How to complete this task:
How do the lines read from the one holding "顶部; ModelName: HDR2.54-F-LI-1X3P" through the last line of the listing? Set them down exactly, pictures omitted.
______
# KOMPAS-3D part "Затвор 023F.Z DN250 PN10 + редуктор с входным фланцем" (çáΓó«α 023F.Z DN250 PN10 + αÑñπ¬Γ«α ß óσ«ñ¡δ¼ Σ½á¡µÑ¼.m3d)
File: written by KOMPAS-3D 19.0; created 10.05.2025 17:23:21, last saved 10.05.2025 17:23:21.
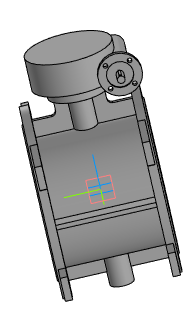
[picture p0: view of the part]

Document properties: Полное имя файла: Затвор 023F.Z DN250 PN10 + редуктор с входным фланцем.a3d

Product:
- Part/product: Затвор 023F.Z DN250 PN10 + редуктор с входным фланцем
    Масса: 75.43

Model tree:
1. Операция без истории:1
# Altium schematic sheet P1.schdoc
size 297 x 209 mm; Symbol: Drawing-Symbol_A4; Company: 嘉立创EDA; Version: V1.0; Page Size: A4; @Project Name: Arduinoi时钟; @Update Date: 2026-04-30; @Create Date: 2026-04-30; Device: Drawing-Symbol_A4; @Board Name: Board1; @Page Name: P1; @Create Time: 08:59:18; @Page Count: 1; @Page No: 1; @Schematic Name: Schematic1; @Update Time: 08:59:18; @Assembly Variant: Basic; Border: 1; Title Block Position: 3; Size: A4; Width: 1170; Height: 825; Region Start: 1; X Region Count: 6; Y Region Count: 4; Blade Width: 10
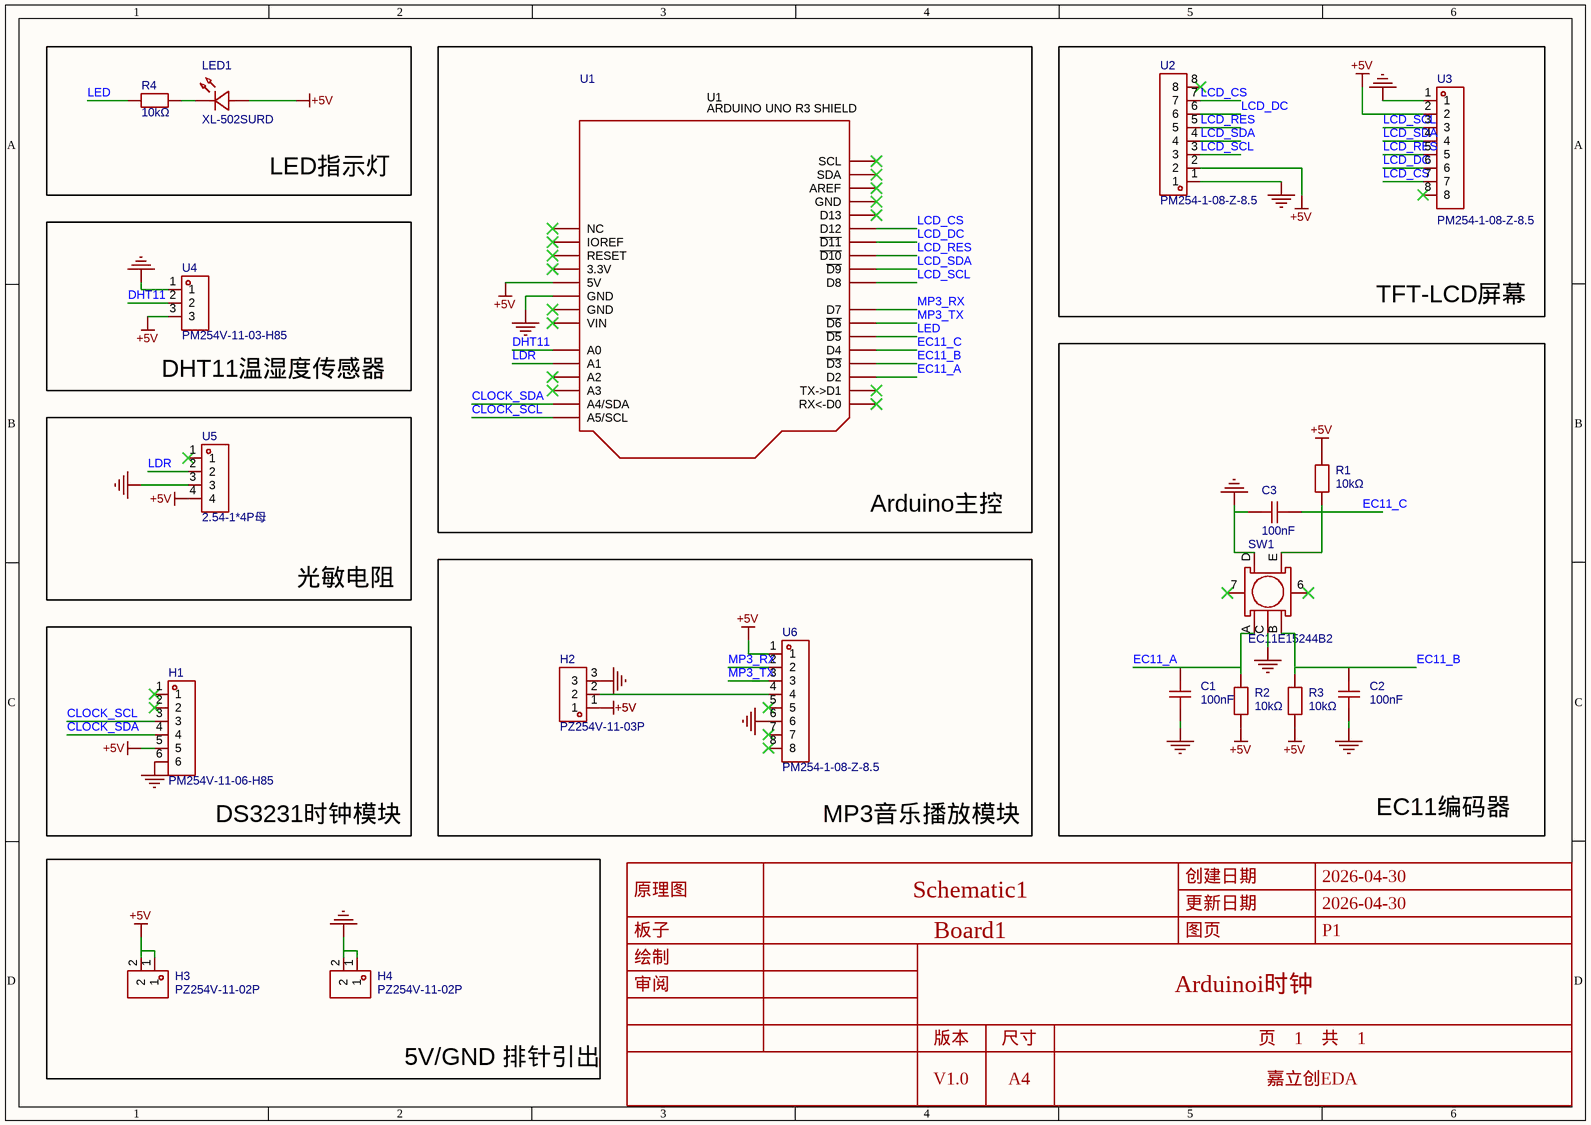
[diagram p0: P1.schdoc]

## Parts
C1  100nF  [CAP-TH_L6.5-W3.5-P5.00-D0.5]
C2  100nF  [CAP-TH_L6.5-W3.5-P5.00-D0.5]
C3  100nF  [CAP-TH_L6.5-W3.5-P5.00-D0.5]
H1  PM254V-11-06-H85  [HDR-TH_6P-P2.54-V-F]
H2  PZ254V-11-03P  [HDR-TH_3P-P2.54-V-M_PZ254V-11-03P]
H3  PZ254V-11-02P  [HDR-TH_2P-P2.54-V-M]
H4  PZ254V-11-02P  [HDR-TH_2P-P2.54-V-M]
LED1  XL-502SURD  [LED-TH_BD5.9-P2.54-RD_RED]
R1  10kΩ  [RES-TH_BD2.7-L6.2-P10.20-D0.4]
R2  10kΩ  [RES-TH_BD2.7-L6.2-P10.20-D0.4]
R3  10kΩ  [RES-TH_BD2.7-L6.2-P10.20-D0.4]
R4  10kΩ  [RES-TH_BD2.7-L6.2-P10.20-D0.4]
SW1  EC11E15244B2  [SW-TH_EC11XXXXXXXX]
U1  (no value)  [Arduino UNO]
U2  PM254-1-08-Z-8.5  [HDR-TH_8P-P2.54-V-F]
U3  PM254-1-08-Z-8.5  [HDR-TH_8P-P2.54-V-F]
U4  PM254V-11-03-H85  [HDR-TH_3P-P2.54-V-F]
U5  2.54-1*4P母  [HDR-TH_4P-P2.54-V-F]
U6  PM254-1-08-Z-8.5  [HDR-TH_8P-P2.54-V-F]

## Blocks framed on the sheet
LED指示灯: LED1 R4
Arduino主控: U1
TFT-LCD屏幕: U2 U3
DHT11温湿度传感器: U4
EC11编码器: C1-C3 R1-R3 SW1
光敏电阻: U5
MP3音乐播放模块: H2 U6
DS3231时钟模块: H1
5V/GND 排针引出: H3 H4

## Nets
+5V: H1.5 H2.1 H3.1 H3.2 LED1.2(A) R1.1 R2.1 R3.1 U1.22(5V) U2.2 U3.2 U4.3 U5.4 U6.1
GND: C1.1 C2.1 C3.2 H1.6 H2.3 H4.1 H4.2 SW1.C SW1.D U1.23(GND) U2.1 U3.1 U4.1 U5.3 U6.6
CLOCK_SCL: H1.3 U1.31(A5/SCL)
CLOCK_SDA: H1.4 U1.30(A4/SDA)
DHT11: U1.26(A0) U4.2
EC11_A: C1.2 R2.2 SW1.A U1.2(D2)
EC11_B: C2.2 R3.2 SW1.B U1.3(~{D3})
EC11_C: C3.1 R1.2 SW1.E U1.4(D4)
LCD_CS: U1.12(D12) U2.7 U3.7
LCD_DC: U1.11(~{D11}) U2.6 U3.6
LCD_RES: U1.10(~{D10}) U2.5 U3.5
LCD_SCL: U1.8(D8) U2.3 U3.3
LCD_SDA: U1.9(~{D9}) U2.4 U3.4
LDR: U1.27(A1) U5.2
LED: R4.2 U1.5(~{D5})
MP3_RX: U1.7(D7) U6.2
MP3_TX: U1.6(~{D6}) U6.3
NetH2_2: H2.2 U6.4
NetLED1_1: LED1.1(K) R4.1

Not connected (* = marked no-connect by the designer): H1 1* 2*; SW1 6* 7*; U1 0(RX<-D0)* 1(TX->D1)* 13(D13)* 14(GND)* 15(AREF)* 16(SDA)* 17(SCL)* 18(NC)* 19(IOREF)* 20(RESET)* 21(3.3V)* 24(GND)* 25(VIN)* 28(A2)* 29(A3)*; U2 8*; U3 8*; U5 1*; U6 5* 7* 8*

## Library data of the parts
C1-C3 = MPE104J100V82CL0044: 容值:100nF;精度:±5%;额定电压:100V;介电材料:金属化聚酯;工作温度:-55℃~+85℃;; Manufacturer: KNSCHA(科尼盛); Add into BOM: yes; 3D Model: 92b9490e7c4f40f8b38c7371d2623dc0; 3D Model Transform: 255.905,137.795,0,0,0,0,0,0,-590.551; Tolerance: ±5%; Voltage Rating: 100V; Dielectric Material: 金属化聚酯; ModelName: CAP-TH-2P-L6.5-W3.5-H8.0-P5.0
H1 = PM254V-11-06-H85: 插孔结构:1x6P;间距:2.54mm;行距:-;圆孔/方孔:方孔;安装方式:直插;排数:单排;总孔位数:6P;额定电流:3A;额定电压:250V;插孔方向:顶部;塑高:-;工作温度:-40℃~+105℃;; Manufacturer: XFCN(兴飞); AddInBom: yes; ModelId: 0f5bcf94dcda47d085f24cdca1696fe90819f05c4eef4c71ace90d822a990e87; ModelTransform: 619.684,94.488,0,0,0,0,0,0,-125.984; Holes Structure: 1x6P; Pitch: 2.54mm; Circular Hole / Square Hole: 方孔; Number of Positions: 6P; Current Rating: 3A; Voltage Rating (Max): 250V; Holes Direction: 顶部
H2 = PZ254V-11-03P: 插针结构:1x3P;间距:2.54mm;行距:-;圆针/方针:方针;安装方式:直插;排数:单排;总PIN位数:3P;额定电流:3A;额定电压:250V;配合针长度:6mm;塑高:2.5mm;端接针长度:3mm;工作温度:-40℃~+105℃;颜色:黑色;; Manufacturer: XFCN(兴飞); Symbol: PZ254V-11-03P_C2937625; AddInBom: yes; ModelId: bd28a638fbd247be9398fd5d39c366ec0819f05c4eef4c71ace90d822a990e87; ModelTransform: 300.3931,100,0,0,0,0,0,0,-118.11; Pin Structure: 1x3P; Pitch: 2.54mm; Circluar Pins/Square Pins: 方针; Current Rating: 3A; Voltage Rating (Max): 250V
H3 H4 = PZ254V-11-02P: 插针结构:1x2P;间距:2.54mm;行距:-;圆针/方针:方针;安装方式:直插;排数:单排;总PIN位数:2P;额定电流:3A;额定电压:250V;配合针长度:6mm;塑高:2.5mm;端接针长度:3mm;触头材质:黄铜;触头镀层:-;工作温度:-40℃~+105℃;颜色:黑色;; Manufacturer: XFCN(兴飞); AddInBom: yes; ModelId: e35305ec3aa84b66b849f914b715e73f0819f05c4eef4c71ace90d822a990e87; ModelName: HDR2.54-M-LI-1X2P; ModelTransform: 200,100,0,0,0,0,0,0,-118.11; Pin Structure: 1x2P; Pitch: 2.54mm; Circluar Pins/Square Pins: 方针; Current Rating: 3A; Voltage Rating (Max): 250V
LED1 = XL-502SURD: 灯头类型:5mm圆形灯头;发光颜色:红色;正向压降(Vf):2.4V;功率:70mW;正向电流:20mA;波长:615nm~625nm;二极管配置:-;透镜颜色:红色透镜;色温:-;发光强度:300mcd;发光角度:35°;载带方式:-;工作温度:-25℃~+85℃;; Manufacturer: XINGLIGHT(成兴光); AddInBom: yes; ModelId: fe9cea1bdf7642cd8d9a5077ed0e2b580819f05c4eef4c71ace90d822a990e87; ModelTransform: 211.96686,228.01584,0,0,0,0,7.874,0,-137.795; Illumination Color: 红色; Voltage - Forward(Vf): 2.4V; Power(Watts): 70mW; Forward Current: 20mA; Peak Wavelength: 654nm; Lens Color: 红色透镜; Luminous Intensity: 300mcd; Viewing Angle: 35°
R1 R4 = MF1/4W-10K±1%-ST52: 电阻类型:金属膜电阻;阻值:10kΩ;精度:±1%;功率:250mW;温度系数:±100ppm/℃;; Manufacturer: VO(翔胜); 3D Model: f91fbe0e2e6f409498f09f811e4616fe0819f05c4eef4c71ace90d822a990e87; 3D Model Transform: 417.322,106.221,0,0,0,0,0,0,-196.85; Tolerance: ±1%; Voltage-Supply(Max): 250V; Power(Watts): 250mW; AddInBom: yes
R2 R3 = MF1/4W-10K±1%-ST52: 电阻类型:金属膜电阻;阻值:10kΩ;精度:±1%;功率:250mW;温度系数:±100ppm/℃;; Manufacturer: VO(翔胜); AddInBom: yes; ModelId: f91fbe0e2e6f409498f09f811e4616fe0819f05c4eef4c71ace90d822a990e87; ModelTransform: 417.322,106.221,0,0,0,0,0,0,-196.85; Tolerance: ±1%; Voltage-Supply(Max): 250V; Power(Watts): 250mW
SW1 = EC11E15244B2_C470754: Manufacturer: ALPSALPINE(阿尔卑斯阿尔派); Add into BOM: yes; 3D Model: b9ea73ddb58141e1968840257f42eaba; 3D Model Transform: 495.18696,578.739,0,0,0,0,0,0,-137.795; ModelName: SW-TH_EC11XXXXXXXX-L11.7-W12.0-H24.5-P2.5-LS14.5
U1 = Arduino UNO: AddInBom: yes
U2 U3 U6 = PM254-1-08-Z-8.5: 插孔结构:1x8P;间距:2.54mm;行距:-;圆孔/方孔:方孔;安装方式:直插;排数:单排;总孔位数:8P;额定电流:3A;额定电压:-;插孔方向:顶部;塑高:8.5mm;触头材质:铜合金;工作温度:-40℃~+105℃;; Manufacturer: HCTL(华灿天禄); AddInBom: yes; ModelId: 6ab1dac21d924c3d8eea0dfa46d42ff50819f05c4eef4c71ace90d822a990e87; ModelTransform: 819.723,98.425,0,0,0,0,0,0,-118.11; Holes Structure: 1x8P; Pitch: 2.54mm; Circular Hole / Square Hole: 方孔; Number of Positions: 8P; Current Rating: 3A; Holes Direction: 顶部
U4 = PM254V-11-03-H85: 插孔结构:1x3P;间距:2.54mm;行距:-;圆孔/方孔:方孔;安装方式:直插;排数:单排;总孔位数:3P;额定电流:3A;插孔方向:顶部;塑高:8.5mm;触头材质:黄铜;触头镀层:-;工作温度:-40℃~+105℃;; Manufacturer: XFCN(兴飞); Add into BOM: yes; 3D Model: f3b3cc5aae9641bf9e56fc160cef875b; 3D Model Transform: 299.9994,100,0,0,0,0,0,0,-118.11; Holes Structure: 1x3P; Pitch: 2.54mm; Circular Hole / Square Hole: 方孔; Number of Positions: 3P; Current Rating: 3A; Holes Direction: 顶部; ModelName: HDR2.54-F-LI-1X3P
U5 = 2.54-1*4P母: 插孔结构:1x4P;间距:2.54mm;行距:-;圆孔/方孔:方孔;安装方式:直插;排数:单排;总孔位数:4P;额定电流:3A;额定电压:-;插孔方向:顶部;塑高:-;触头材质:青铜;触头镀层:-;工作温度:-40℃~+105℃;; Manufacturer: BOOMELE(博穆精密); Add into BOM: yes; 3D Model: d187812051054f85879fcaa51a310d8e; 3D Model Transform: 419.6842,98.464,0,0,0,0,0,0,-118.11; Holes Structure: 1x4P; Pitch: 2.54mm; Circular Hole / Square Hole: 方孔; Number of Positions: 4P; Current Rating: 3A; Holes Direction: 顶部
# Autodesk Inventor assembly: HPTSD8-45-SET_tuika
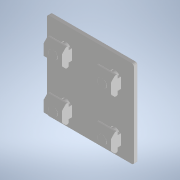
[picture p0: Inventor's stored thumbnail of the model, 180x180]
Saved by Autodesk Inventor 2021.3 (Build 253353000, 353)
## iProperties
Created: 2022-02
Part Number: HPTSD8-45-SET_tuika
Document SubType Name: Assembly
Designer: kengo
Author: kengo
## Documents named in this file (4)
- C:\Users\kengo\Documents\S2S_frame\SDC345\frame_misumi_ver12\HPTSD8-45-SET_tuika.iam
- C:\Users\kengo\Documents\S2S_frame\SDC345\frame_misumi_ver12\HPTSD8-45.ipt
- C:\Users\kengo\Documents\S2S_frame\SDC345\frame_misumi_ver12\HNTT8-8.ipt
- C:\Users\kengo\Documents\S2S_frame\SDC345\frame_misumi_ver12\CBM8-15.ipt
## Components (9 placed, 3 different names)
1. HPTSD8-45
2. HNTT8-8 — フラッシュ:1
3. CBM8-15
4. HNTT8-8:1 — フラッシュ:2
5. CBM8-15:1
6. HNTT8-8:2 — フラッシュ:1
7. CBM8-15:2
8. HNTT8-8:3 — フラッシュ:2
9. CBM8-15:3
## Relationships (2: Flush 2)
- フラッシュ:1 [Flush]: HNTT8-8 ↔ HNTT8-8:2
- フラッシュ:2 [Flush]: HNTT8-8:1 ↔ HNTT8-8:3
______
Task result:
U4 = PM254V-11-03-H85: 插孔结构:1x3P;间距:2.54mm;行距:-;圆孔/方孔:方孔;安装方式:直插;排数:单排;总孔位数:3P;额定电流:3A;插孔方向:顶部;塑高:8.5mm;触头材质:黄铜;触头镀层:-;工作温度:-40℃~+105℃;; Manufacturer: XFCN(兴飞); Add into BOM: yes; 3D Model: f3b3cc5aae9641bf9e56fc160cef875b; 3D Model Transform: 299.9994,100,0,0,0,0,0,0,-118.11; Holes Structure: 1x3P; Pitch: 2.54mm; Circular Hole / Square Hole: 方孔; Number of Positions: 3P; Current Rating: 3A; Holes Direction: 顶部; ModelName: HDR2.54-F-LI-1X3P
U5 = 2.54-1*4P母: 插孔结构:1x4P;间距:2.54mm;行距:-;圆孔/方孔:方孔;安装方式:直插;排数:单排;总孔位数:4P;额定电流:3A;额定电压:-;插孔方向:顶部;塑高:-;触头材质:青铜;触头镀层:-;工作温度:-40℃~+105℃;; Manufacturer: BOOMELE(博穆精密); Add into BOM: yes; 3D Model: d187812051054f85879fcaa51a310d8e; 3D Model Transform: 419.6842,98.464,0,0,0,0,0,0,-118.11; Holes Structure: 1x4P; Pitch: 2.54mm; Circular Hole / Square Hole: 方孔; Number of Positions: 4P; Current Rating: 3A; Holes Direction: 顶部
# Autodesk Inventor assembly: HPTSD8-45-SET_tuika
[picture p0: Inventor's stored thumbnail of the model, 180x180]
Saved by Autodesk Inventor 2021.3 (Build 253353000, 353)
## iProperties
Created: 2022-02
Part Number: HPTSD8-45-SET_tuika
Document SubType Name: Assembly
Designer: kengo
Author: kengo
## Documents named in this file (4)
- C:\Users\kengo\Documents\S2S_frame\SDC345\frame_misumi_ver12\HPTSD8-45-SET_tuika.iam
- C:\Users\kengo\Documents\S2S_frame\SDC345\frame_misumi_ver12\HPTSD8-45.ipt
- C:\Users\kengo\Documents\S2S_frame\SDC345\frame_misumi_ver12\HNTT8-8.ipt
- C:\Users\kengo\Documents\S2S_frame\SDC345\frame_misumi_ver12\CBM8-15.ipt
## Components (9 placed, 3 different names)
1. HPTSD8-45
2. HNTT8-8 — フラッシュ:1
3. CBM8-15
4. HNTT8-8:1 — フラッシュ:2
5. CBM8-15:1
6. HNTT8-8:2 — フラッシュ:1
7. CBM8-15:2
8. HNTT8-8:3 — フラッシュ:2
9. CBM8-15:3
## Relationships (2: Flush 2)
- フラッシュ:1 [Flush]: HNTT8-8 ↔ HNTT8-8:2
- フラッシュ:2 [Flush]: HNTT8-8:1 ↔ HNTT8-8:3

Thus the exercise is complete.